Preferably, the insertion portion 322 integrally extends from an edge portion of the main body 321 of the isolation plate 32 close to the middle partition plate 31. In other embodiments, the inserting portion may be a separate component manufactured in a standardized manner, and is bonded to the partition body by adhesion or other fixing methods, without limitation, when the process is complicated and the strength of the partition member is high or low.

The top and bottom side walls of the middle partition plate 31 shown in the drawings of the present embodiment each include a plurality of slots 311 corresponding to the partition plate 32 and arranged in a partitioned manner; in other embodiments, only the top side wall of the middle partition plate may include a plurality of slots corresponding to the partition plate, or only the bottom side wall of the middle partition plate may include a plurality of slots corresponding to the partition plate, and no matter which of the above matching methods substantially does not affect the combination between the partition plate and the middle partition plate, as shown in the drawings, when the top side wall and the bottom side wall of the middle partition plate both include a plurality of slots corresponding to the partition plate, the combination between the partition plate and the middle partition plate may be more stable and reliable.

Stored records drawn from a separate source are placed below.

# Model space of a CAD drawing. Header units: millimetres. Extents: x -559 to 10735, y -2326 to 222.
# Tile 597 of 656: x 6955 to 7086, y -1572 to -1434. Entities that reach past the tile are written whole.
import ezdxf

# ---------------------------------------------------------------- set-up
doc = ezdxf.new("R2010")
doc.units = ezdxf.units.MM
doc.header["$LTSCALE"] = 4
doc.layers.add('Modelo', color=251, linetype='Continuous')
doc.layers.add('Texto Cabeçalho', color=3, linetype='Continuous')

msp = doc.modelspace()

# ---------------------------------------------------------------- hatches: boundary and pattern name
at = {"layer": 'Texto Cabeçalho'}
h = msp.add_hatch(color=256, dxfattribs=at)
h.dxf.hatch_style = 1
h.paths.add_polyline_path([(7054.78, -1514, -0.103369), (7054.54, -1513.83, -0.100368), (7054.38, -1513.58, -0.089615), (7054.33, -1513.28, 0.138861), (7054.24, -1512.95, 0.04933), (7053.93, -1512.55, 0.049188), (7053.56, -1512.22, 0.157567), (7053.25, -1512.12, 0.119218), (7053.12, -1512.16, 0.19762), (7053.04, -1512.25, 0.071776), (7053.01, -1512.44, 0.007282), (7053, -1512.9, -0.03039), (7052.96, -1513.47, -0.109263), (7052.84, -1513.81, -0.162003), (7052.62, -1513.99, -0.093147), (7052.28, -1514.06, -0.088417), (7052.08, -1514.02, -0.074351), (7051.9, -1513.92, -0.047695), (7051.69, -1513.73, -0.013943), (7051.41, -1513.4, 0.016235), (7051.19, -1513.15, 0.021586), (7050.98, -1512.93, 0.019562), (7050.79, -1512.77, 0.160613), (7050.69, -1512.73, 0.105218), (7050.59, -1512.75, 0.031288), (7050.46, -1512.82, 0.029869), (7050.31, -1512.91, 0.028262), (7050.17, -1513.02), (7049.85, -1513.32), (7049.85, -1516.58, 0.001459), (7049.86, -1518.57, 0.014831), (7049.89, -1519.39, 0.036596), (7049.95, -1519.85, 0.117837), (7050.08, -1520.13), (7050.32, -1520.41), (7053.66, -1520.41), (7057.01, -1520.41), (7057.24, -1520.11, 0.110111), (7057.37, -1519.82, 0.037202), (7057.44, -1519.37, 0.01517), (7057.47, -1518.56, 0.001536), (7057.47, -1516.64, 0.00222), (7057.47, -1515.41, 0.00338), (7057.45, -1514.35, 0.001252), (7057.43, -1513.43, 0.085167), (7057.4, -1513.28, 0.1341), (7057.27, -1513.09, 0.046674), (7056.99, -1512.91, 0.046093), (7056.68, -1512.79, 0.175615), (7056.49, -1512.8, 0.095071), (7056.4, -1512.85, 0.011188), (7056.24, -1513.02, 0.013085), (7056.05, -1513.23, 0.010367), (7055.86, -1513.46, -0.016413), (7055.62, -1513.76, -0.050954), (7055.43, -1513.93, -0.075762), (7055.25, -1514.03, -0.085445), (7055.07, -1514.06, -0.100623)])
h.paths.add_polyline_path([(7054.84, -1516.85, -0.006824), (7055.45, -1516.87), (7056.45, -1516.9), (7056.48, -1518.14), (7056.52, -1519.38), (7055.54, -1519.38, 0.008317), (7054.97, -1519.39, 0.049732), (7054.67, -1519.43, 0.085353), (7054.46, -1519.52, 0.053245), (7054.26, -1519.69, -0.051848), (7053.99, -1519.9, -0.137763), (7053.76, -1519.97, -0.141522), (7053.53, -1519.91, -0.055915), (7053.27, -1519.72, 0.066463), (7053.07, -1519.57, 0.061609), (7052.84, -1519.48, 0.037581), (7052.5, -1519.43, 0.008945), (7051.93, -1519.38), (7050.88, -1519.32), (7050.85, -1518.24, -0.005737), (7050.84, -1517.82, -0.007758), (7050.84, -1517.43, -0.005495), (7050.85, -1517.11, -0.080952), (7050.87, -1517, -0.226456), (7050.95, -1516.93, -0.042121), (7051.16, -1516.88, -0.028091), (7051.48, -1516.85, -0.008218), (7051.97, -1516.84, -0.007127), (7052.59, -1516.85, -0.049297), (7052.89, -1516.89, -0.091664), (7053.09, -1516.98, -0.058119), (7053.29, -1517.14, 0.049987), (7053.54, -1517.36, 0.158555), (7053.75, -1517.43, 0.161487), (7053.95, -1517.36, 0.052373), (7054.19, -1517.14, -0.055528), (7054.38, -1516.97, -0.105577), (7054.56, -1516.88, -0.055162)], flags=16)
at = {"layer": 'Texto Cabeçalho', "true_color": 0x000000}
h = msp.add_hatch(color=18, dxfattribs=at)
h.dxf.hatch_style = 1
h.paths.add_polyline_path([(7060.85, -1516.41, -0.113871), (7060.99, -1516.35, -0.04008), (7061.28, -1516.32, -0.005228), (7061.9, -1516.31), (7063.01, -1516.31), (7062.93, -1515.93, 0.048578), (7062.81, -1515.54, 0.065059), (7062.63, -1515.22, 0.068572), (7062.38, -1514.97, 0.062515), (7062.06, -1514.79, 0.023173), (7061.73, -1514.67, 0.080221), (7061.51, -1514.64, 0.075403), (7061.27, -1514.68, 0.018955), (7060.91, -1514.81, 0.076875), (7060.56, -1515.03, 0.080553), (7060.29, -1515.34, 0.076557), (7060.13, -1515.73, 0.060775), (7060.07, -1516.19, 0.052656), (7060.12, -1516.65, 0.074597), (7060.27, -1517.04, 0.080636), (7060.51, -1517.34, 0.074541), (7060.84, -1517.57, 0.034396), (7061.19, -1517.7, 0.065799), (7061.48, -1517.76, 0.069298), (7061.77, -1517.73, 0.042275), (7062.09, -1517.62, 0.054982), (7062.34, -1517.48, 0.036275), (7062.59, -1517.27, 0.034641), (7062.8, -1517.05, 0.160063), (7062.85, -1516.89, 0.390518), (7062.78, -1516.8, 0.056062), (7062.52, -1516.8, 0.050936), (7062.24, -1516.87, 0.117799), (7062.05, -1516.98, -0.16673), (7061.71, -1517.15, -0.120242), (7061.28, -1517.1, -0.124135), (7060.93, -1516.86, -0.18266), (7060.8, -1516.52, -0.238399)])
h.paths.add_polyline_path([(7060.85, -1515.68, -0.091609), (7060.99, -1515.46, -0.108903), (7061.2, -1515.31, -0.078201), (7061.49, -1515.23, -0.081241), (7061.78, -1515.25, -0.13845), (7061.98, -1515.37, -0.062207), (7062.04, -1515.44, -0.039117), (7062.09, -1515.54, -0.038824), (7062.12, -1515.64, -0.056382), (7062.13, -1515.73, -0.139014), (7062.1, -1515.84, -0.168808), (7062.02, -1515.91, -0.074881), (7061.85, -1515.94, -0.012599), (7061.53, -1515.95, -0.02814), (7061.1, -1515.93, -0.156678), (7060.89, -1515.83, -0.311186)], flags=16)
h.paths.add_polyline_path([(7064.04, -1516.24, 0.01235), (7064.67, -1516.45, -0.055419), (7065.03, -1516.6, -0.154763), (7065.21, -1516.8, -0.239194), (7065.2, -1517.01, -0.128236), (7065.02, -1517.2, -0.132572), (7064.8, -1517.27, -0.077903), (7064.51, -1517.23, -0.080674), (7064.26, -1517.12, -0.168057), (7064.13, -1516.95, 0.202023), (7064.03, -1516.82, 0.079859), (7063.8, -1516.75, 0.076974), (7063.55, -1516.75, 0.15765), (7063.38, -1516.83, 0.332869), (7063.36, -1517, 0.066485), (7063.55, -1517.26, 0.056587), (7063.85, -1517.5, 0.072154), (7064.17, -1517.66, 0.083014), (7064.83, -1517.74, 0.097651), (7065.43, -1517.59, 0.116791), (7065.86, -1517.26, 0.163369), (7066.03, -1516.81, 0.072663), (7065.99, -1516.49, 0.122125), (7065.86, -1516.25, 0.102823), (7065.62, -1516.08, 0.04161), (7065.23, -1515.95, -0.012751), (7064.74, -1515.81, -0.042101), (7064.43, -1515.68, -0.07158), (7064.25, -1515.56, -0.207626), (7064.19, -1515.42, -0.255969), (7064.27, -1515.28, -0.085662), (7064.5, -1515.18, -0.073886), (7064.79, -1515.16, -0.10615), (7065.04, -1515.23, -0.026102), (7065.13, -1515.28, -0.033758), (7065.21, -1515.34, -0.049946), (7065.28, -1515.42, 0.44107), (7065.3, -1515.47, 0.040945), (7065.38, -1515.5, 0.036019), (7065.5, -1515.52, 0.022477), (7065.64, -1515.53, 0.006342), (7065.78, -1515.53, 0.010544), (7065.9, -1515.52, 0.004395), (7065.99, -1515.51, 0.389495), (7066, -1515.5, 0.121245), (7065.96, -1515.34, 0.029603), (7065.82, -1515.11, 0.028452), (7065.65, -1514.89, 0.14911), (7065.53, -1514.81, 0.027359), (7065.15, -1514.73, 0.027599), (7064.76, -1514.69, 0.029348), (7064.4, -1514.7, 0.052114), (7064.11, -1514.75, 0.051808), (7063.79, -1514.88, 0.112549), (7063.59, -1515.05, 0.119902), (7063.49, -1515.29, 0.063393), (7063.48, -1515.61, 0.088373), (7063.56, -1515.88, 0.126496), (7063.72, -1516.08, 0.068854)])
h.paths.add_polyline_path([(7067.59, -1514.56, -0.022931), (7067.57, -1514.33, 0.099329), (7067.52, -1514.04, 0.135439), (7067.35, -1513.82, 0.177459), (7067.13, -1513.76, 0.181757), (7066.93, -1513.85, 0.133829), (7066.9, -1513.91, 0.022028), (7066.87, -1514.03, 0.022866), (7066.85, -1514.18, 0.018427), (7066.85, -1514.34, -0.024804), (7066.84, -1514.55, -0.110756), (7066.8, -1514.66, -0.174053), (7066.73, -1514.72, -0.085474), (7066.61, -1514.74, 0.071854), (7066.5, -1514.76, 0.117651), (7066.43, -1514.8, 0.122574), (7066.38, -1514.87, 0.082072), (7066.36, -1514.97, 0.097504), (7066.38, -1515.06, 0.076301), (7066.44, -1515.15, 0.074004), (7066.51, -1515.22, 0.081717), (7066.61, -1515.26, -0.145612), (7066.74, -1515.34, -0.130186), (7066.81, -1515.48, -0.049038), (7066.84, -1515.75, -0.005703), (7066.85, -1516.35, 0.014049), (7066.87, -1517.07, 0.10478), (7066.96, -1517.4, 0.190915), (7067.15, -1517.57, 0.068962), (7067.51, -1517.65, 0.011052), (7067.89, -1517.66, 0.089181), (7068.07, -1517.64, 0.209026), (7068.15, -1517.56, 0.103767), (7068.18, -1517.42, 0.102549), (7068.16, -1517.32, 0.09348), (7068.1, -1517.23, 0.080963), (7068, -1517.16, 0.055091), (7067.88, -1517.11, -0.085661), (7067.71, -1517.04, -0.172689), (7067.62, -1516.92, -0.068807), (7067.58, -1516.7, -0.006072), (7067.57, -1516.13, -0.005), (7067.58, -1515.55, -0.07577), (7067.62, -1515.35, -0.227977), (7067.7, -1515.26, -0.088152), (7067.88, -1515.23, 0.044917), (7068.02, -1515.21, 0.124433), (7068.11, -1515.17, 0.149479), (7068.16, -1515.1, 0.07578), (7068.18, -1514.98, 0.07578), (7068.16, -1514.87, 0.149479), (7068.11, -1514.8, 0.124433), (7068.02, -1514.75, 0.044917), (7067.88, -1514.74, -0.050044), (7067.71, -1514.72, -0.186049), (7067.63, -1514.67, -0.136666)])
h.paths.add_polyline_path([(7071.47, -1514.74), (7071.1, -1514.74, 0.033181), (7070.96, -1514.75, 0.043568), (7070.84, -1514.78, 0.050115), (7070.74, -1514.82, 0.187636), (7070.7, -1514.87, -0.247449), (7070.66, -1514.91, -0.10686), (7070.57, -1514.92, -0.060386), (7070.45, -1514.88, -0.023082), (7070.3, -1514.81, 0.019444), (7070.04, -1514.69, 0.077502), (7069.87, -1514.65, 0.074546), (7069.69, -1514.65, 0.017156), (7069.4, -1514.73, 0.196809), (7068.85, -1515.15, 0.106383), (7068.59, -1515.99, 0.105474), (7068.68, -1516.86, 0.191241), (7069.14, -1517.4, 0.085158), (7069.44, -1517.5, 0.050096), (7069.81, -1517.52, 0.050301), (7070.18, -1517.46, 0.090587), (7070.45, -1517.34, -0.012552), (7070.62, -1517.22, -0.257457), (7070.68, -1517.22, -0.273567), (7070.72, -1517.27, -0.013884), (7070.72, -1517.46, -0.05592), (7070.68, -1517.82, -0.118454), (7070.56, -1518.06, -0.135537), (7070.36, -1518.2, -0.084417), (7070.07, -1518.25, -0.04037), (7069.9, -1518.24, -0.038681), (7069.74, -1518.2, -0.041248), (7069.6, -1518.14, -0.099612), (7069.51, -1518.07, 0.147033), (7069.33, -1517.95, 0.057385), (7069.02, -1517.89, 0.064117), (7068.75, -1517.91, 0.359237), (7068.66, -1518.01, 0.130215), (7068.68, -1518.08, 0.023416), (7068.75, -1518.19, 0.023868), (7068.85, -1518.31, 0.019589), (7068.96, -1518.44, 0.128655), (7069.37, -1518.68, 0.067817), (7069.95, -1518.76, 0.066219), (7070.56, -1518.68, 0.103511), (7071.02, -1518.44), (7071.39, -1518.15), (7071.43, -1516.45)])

In addition, to the grafting cooperation of grafting portion 322 on median septum 31 slot 311 and division board 32, should guarantee that grafting portion surface and the inseparable laminating of slot internal surface spare are fixed, and when certain condition, the width of grafting portion should be a bit bigger than the width of slot to reach interference fit to a certain extent, prevent that the division board from appearing rocking relative to the median septum, influencing the holistic structural strength of conductive component.

In this embodiment, the slot 311 that is the partition arrangement runs through the top surface of median septum 31 and two relative side wall faces are the breach shape, in other deformation implementation manners, the slot also can only run through two relative side wall faces in median septum top, is similar to the through-hole structure that forms on the side wall of median septum top and \ or on the side wall of bottom, and the implementation manner of above-mentioned deformation is understood to be in the utility model discloses other different forms's that can also make on the technical scheme basis change or change belongs to the technical scheme of the utility model draw obvious change or change that stretches out, should still be in the protection scope of the utility model.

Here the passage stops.